• **Problem requirements**
The job is to output exactly the lines that run from the start of the entries through the line containing "doc.layers.add(name, color=color, linetype=linetype)", pictures omitted.
━━━━━ Supplied data ━━━━━
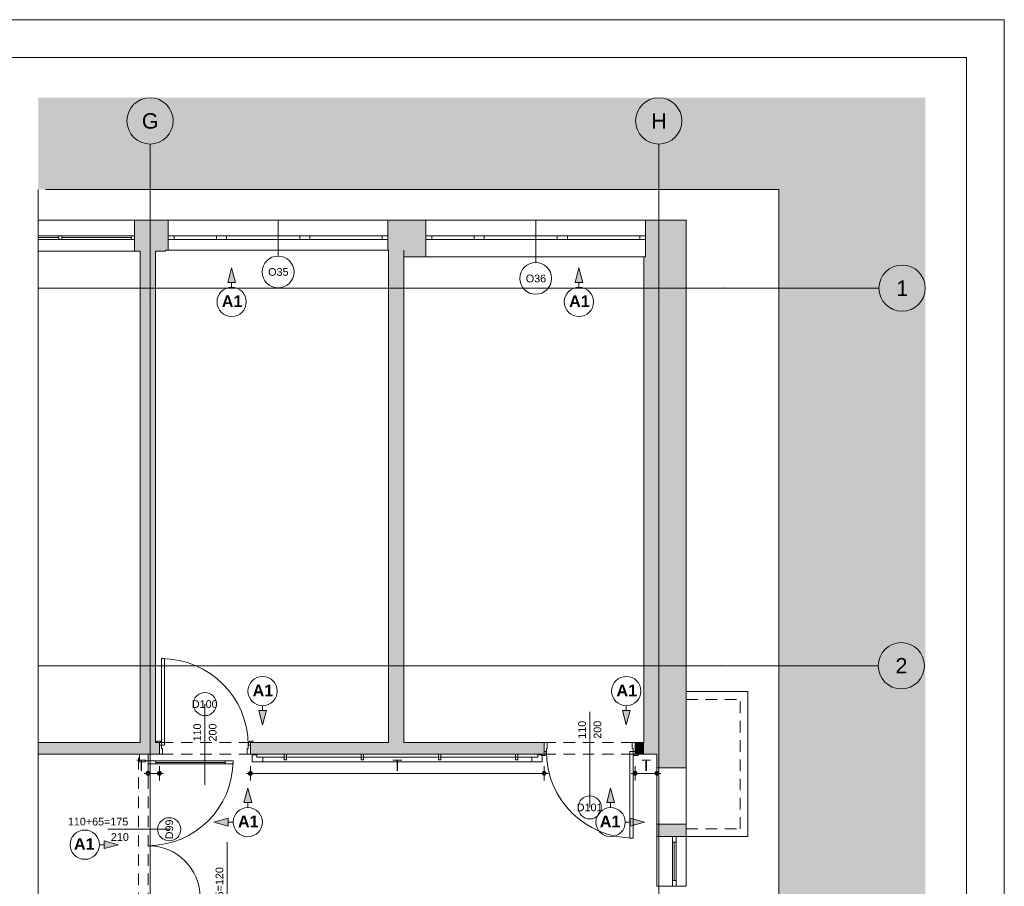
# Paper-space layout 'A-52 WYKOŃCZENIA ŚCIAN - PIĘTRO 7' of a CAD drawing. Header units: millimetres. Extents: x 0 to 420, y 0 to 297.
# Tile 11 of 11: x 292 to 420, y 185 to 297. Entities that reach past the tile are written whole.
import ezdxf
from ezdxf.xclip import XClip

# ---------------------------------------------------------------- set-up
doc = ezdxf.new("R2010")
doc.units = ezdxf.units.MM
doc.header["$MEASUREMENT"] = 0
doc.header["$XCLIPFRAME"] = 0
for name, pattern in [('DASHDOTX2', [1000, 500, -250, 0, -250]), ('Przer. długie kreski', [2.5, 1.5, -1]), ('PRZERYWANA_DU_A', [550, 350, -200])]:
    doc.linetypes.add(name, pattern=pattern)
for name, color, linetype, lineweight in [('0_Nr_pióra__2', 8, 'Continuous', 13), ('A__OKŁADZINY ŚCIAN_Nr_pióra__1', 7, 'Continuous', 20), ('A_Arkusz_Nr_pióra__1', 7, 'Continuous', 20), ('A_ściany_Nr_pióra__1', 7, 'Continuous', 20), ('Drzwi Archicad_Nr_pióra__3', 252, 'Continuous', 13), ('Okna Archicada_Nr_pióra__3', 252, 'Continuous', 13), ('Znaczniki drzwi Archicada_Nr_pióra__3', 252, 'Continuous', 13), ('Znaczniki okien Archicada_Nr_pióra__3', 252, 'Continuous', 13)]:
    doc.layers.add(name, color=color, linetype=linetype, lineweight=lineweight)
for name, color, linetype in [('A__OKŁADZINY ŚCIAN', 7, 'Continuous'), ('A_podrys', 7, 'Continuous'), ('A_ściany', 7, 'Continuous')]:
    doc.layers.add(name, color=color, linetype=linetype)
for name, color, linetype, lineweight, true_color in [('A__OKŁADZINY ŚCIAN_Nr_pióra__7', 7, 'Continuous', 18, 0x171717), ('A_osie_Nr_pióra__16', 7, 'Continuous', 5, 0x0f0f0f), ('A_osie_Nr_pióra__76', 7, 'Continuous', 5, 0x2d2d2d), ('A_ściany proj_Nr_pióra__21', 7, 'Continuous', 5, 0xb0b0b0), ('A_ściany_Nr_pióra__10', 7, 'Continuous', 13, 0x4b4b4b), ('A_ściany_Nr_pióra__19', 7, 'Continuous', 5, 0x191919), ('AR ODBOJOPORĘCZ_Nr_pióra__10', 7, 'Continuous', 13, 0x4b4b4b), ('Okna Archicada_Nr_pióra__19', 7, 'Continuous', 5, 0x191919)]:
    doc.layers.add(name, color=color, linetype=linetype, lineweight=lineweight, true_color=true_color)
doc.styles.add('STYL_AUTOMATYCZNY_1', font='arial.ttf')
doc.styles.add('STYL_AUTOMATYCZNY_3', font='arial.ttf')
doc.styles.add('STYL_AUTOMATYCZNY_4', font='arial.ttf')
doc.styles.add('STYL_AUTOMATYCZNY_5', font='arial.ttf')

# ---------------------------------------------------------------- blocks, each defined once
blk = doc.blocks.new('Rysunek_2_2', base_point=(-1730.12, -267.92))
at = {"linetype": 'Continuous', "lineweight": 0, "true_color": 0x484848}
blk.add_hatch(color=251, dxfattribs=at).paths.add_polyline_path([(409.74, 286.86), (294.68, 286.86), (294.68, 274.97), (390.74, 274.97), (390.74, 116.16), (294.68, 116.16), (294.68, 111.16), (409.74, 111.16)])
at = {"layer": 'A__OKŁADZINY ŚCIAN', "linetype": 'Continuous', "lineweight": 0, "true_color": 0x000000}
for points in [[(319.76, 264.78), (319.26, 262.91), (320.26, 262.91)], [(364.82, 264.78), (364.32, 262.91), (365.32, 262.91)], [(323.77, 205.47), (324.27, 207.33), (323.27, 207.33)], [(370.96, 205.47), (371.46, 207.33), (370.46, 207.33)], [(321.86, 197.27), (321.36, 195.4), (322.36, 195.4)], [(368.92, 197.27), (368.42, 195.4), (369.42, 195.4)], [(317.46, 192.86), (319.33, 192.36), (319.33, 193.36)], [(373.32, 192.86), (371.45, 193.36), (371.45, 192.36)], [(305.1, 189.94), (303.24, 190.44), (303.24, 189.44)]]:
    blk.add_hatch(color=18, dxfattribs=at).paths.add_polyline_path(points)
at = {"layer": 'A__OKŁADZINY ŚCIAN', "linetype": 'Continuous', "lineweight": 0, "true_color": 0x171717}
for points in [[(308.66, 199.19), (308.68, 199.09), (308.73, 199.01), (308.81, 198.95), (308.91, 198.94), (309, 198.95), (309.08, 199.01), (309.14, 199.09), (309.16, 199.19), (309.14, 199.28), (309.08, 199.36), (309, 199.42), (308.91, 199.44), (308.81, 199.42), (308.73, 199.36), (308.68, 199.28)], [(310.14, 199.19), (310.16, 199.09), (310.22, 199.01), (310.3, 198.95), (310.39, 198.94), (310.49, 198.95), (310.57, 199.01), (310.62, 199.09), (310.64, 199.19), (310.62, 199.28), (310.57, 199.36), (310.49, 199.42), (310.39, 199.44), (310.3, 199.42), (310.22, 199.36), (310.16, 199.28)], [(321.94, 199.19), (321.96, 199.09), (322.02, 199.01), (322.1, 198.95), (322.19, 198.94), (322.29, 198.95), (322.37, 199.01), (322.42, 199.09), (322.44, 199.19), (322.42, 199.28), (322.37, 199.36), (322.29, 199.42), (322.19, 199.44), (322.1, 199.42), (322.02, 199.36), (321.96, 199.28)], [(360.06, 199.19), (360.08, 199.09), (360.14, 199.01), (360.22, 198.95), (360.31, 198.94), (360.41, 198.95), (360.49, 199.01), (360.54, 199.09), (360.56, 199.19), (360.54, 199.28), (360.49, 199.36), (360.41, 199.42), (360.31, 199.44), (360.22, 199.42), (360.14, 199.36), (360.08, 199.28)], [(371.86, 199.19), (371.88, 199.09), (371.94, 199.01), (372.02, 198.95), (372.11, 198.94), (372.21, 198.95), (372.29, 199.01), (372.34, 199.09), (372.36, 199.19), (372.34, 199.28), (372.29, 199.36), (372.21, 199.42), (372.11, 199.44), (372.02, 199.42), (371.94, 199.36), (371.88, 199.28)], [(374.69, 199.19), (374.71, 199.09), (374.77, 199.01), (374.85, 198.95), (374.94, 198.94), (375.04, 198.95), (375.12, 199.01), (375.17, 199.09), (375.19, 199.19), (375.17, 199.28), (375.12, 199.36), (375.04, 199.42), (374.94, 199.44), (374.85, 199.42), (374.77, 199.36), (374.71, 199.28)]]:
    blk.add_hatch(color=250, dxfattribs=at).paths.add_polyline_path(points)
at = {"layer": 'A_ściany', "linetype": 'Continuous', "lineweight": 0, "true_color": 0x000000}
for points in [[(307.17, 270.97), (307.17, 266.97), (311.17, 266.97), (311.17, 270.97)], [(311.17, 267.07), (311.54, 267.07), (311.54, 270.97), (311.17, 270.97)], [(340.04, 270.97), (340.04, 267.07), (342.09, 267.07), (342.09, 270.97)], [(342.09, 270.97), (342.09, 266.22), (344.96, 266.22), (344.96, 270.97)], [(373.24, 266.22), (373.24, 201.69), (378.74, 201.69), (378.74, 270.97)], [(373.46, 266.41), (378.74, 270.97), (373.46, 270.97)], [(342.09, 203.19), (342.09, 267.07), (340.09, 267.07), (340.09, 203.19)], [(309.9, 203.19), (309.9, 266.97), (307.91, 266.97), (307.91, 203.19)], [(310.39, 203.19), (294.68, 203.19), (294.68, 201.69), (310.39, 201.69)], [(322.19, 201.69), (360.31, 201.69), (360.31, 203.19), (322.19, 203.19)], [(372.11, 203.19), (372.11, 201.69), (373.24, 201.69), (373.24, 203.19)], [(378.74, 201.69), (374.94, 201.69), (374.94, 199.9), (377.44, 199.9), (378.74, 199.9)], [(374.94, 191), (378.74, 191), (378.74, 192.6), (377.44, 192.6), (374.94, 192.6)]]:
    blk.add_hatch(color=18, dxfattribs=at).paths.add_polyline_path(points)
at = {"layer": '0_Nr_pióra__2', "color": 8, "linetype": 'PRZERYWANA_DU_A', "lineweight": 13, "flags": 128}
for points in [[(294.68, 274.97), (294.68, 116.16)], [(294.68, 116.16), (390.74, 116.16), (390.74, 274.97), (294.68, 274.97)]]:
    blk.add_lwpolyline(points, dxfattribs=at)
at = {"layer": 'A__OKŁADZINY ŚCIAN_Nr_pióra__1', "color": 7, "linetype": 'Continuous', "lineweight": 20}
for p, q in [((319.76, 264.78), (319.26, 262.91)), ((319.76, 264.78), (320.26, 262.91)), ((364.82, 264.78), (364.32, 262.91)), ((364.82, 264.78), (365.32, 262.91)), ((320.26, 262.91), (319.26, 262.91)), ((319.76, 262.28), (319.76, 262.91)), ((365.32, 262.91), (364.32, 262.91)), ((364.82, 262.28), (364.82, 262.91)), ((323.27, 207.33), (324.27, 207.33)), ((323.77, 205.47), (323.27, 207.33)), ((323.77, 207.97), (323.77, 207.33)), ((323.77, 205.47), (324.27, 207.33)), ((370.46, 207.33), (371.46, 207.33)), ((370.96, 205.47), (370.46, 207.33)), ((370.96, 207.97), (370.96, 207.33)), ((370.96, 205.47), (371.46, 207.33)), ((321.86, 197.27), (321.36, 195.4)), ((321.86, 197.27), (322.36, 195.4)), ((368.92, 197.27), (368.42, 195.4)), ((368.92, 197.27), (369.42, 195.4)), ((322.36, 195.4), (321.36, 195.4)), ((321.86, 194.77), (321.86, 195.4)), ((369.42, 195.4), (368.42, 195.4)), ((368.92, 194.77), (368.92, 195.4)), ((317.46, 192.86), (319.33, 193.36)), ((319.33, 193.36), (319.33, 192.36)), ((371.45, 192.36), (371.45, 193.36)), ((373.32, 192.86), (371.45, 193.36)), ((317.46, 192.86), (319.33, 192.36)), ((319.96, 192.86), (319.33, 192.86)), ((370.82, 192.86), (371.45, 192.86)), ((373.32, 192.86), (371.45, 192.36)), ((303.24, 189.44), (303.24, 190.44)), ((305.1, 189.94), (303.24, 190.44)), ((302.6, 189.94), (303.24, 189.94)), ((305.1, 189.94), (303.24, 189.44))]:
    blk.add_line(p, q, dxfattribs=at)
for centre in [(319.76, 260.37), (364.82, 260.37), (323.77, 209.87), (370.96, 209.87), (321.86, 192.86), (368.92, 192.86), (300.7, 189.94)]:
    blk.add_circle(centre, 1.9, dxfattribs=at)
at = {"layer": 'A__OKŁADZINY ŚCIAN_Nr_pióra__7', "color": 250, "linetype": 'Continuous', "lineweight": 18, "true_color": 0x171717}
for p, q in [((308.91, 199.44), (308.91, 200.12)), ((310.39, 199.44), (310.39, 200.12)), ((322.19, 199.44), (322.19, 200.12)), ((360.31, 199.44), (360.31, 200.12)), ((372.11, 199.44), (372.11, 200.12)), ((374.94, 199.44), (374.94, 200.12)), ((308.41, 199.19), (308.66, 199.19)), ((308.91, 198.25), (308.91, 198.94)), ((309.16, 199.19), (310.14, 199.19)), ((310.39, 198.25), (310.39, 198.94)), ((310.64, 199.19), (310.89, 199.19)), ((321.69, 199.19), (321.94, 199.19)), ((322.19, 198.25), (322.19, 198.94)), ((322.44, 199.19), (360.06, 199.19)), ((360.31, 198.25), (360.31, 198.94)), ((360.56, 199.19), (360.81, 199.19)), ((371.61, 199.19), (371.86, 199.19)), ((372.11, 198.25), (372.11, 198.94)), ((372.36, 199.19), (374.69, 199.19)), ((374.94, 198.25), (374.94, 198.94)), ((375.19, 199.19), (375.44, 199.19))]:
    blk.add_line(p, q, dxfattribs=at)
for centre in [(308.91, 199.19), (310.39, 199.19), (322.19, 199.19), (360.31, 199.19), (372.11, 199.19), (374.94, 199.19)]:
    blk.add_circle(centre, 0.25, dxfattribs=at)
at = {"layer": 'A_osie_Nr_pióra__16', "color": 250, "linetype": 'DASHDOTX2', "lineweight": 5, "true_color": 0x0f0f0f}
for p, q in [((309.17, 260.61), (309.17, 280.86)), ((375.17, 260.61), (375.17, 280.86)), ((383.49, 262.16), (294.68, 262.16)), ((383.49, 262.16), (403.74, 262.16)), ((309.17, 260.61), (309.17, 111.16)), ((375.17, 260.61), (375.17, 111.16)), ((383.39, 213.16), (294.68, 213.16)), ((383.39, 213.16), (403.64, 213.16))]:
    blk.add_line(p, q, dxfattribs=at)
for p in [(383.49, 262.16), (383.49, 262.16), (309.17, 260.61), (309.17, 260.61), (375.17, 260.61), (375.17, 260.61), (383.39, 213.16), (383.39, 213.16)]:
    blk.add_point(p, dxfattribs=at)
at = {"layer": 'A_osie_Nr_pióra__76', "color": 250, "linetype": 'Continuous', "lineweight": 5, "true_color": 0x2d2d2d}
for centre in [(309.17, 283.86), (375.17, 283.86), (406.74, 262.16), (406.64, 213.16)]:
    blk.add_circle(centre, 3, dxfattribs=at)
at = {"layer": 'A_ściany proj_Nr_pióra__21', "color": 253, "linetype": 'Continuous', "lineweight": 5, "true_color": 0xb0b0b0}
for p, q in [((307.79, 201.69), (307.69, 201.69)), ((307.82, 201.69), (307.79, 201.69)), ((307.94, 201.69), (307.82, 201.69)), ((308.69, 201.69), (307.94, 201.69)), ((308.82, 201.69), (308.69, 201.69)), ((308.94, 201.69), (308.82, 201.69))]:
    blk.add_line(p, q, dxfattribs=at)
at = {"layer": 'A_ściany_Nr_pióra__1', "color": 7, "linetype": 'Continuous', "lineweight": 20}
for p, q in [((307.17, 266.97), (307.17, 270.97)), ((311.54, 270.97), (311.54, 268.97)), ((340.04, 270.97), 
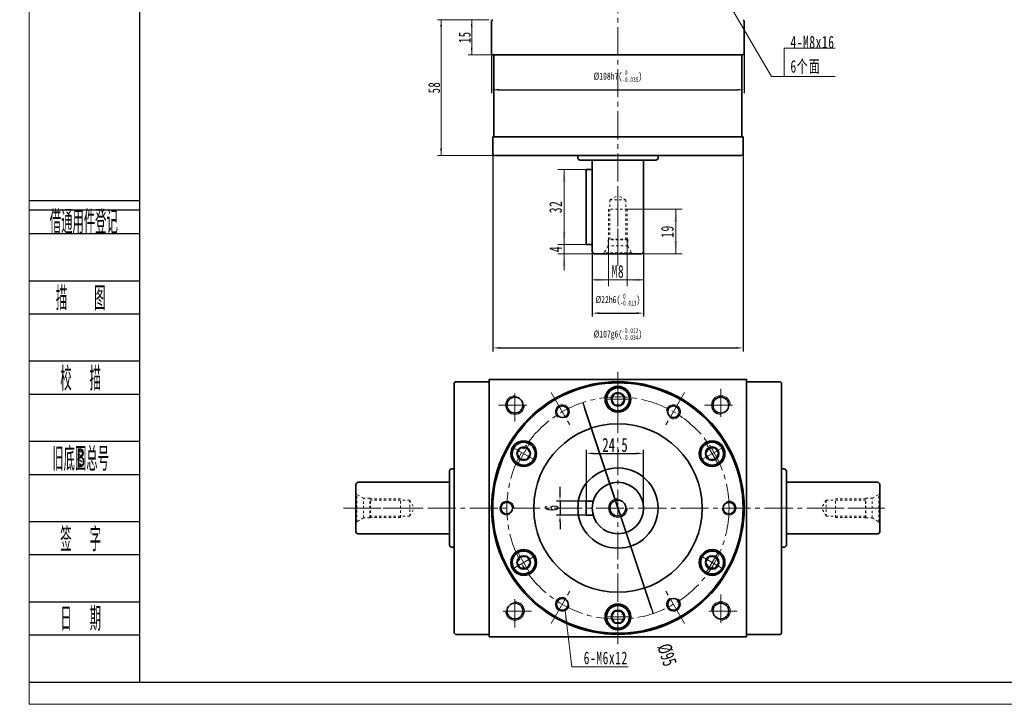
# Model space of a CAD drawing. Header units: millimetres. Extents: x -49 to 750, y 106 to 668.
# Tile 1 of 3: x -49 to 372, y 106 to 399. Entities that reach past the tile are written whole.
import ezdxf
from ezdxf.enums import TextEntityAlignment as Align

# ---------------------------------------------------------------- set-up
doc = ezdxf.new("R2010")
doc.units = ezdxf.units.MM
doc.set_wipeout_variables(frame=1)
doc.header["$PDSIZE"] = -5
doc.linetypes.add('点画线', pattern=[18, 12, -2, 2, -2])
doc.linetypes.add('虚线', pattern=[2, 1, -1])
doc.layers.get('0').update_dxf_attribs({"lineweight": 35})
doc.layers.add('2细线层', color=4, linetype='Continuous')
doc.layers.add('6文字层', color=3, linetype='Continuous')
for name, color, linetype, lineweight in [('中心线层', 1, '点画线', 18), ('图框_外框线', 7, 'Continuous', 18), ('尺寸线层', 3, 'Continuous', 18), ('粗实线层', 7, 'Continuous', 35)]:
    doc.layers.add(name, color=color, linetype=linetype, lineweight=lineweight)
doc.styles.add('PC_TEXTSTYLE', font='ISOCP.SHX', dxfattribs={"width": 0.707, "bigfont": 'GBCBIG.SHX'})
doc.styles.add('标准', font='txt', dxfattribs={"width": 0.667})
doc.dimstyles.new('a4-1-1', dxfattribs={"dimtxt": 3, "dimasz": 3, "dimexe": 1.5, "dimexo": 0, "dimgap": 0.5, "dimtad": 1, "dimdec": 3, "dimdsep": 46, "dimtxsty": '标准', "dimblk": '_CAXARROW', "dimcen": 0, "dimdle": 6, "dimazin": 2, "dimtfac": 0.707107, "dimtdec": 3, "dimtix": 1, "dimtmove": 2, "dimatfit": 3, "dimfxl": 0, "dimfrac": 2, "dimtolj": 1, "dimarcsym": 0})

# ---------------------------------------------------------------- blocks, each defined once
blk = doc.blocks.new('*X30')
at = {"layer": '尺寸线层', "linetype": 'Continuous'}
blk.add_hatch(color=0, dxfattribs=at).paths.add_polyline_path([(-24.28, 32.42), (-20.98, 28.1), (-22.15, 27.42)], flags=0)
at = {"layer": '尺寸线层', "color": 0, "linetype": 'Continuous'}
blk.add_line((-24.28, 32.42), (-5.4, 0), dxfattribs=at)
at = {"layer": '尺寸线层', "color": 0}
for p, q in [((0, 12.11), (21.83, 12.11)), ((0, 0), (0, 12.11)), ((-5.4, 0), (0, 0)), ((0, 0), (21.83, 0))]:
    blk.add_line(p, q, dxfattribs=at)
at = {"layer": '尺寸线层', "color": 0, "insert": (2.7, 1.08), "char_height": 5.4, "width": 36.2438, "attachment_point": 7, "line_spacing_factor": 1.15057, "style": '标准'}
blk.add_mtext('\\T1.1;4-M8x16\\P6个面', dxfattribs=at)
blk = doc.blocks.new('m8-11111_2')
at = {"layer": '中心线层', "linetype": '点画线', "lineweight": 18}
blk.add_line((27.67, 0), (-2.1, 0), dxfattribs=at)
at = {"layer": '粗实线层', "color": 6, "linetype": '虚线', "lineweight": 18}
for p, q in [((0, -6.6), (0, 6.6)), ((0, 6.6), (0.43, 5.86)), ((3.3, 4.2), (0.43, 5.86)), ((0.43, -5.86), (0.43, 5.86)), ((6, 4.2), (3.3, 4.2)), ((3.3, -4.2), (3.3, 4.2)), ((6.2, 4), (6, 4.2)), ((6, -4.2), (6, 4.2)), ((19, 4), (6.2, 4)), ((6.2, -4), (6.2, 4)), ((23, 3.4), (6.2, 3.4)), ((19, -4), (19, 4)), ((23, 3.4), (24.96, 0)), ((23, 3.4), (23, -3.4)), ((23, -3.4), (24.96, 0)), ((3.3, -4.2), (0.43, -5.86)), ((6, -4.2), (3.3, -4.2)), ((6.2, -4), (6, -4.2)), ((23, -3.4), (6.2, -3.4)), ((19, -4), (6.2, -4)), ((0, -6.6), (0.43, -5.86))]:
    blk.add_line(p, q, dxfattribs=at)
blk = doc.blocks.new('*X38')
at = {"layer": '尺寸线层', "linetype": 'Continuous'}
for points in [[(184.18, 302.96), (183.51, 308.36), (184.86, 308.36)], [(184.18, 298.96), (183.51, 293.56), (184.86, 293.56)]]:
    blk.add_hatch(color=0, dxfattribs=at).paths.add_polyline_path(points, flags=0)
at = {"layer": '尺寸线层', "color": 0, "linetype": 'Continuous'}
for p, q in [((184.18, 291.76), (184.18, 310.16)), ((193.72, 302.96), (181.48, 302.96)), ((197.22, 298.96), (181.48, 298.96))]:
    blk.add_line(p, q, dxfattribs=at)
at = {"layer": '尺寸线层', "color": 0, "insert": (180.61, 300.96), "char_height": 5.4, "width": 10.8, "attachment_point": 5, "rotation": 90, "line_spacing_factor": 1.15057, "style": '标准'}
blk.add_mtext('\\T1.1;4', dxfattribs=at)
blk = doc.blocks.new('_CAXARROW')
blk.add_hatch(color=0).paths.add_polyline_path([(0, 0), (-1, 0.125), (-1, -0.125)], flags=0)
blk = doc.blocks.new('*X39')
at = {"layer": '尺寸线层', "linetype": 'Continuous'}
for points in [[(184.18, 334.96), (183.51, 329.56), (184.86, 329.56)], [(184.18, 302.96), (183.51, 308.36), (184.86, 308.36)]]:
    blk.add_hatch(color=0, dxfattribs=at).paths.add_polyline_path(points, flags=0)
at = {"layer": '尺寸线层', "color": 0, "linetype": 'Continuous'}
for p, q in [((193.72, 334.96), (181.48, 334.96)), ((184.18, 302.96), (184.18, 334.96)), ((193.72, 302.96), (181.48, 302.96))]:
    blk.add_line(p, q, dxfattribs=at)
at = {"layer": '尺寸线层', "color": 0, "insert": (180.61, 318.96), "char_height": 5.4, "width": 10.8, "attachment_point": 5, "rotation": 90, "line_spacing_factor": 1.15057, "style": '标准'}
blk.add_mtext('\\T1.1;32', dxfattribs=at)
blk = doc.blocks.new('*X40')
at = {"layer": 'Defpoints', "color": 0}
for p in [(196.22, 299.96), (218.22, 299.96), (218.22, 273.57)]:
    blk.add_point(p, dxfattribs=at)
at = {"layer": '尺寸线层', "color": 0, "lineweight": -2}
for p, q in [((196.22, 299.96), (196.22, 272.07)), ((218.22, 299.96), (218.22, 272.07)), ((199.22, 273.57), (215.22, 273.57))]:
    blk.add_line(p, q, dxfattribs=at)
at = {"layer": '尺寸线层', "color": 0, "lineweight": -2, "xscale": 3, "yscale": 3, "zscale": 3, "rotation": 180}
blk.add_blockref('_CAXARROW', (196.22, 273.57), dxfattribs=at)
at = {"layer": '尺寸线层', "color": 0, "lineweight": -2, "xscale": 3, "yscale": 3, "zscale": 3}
━━━━━
• **Response to the exercise**
# Paper-space layout 'A-52 WYKOŃCZENIA ŚCIAN - PIĘTRO 7' of a CAD drawing. Header units: millimetres. Extents: x 0 to 420, y 0 to 297.
# Tile 11 of 11: x 292 to 420, y 185 to 297. Entities that reach past the tile are written whole.
import ezdxf
from ezdxf.xclip import XClip

# ---------------------------------------------------------------- set-up
doc = ezdxf.new("R2010")
doc.units = ezdxf.units.MM
doc.header["$MEASUREMENT"] = 0
doc.header["$XCLIPFRAME"] = 0
for name, pattern in [('DASHDOTX2', [1000, 500, -250, 0, -250]), ('Przer. długie kreski', [2.5, 1.5, -1]), ('PRZERYWANA_DU_A', [550, 350, -200])]:
    doc.linetypes.add(name, pattern=pattern)
for name, color, linetype, lineweight in [('0_Nr_pióra__2', 8, 'Continuous', 13), ('A__OKŁADZINY ŚCIAN_Nr_pióra__1', 7, 'Continuous', 20), ('A_Arkusz_Nr_pióra__1', 7, 'Continuous', 20), ('A_ściany_Nr_pióra__1', 7, 'Continuous', 20), ('Drzwi Archicad_Nr_pióra__3', 252, 'Continuous', 13), ('Okna Archicada_Nr_pióra__3', 252, 'Continuous', 13), ('Znaczniki drzwi Archicada_Nr_pióra__3', 252, 'Continuous', 13), ('Znaczniki okien Archicada_Nr_pióra__3', 252, 'Continuous', 13)]:
    doc.layers.add(name, color=color, linetype=linetype, lineweight=lineweight)
for name, color, linetype in [('A__OKŁADZINY ŚCIAN', 7, 'Continuous'), ('A_podrys', 7, 'Continuous'), ('A_ściany', 7, 'Continuous')]:
    doc.layers.add(name, color=color, linetype=linetype)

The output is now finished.